# Jazz-Rock or Jazz Fusion



## Xabby (Feb 28, 2010)

Jazz Rock is often used as a synonym for Jazz Fusion too. This is one of my favourites music styles. It´s a musical fusion from a mixture of elements of jazz with the rhythms of rock playing electric instruments. During the 1970s, this music had its golden age but expanded through the 1980s and 1990s until today. Jazz Rock can include a variety of styles but is mainly instrumental and their musicians have a high level of virtuosity.

Some of my favourities musicians and bands are Weather Report, Mahavishnu, Brand X, Return To Forever, Billy Cobham, Jean-Luc Ponty, Pat Metheny, Stanley Clarke, Allan Holdsworth, etc.

If you like this music you can coment your preferences and make recomendations in this thread.

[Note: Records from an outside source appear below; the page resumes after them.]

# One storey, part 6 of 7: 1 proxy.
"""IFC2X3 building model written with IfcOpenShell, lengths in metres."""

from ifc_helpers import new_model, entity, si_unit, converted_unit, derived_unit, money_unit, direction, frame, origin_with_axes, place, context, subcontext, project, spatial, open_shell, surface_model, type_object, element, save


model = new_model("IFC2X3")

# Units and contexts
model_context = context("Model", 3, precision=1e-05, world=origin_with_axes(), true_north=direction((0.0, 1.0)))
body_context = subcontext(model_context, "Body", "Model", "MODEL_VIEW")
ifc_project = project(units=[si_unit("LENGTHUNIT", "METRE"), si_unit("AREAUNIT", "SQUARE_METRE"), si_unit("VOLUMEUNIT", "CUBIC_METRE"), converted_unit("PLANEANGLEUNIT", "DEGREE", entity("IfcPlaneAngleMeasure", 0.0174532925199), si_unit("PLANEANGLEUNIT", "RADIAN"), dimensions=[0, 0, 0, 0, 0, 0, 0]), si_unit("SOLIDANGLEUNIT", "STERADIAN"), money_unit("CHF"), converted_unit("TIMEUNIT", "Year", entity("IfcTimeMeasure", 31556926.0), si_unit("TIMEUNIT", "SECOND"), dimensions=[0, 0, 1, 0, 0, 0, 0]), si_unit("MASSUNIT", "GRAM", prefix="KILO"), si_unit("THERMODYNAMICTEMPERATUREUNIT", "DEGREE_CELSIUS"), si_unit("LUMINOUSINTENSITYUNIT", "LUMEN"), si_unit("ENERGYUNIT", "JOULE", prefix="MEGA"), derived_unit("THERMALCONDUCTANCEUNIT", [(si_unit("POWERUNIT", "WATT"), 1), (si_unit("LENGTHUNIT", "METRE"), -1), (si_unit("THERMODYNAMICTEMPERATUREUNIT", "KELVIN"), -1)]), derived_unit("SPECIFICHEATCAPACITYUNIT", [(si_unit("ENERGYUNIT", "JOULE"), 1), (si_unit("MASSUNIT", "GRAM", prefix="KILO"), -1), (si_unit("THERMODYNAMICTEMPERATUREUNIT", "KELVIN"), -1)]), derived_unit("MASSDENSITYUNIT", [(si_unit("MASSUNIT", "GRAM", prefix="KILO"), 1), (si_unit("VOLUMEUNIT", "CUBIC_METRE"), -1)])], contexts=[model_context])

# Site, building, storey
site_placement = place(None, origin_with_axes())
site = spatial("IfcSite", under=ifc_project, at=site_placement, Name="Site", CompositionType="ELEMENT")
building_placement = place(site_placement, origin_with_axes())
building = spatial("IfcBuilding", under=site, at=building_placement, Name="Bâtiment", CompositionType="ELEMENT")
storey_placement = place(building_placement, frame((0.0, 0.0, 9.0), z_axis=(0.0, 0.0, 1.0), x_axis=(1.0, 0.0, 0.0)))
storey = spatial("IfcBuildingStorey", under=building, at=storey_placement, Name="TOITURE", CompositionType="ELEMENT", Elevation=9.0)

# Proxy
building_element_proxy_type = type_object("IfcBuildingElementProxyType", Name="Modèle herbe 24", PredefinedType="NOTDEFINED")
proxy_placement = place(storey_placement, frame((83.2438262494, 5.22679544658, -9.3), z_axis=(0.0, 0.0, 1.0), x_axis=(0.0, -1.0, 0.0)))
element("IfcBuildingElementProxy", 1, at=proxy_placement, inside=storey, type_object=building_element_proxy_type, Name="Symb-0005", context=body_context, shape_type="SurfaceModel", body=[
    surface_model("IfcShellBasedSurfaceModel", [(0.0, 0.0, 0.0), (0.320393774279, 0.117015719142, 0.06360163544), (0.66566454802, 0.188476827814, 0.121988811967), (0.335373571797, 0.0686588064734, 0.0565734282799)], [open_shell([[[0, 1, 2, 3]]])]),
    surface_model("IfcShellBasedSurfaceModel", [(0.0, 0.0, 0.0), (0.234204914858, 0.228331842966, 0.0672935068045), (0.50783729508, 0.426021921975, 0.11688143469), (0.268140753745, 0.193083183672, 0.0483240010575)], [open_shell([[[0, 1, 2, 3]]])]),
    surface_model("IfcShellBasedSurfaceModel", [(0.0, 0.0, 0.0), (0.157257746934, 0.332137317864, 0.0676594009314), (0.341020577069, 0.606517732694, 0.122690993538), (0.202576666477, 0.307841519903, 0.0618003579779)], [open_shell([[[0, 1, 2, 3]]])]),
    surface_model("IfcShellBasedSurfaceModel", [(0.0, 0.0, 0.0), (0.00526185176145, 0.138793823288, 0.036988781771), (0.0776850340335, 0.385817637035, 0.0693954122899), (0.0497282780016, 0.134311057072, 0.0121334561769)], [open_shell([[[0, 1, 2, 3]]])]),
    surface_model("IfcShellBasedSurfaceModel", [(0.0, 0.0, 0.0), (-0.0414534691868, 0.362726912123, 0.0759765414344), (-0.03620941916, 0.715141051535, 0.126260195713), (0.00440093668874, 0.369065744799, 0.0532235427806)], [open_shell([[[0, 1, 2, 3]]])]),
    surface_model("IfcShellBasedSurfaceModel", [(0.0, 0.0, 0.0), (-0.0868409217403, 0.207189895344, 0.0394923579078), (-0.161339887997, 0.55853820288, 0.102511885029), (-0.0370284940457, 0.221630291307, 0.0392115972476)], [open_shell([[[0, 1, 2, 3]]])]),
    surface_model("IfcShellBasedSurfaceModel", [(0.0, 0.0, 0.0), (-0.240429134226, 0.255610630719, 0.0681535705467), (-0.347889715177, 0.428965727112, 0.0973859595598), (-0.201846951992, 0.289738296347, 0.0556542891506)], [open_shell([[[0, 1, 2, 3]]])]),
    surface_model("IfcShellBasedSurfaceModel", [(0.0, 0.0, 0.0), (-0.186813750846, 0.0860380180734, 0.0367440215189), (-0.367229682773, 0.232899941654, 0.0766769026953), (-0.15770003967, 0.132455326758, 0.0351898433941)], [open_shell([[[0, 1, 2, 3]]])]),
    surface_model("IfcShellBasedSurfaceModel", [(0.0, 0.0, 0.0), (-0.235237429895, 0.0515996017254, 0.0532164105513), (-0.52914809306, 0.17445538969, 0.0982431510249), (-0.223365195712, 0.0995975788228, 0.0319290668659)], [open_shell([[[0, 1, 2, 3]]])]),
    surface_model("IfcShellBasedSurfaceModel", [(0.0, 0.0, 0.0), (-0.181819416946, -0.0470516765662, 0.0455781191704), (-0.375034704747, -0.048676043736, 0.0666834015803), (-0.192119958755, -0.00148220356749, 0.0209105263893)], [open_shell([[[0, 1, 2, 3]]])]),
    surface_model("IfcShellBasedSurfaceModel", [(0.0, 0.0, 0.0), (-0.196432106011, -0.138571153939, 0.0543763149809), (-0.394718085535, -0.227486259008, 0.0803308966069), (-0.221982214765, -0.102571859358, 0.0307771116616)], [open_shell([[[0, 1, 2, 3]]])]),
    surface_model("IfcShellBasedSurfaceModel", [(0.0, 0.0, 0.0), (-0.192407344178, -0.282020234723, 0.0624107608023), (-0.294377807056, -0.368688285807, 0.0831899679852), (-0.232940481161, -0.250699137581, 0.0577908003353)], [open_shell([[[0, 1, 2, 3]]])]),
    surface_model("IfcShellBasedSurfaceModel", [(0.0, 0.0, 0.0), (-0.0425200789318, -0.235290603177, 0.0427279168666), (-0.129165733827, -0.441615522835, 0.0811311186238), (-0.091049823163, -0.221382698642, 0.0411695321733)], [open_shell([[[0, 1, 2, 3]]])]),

A summary of my preferences could be.-





































Greetings :thumb:


----------



## stan the man (Jun 10, 2009)

Aahh Brand X the memories come flooding back. I used to love that band still play their vinyl albums while working on the car,and yes Moroccan roll was probably their best title.Percy Jones fretless bass playing was awesome,another couple of favourites of mine by Brand X was Unorthodox Behavior and Product.I have a couple of Weather Report albums and several Billy Cobham titles the latest being Drum and Voice 2.Try and get a listen to Icelandic jazz fusion band called Mezzoforte.They have been playing since the early 80s and play some stunning music.Also a very talented young female bass player called Tal Wilkenfeld who plays with Jeff Beck.She recently released her debut solo album called Transformation,well worth a listen.My first love has always been rock music particularly prog but I always have time for a good blast of jazz rock/fusion.


----------



## Xabby (Feb 28, 2010)

Brand X "Moroccan Roll" and "Unorthodox Behaviour" are masterpieces without doubt. I recommend Billy Cobham "Drum and Voice 3". It´s marvellous. Maybe the best of the three albums. But the masterpiece of Billy Cobham is "Spectrum", a genuine jazz-rock. Jeff Beck is one of my favourites guitarists, "Blow by Blow" is remarkable . I´m going to listen to Tal Wilkenfeld, thanks for your advice.


----------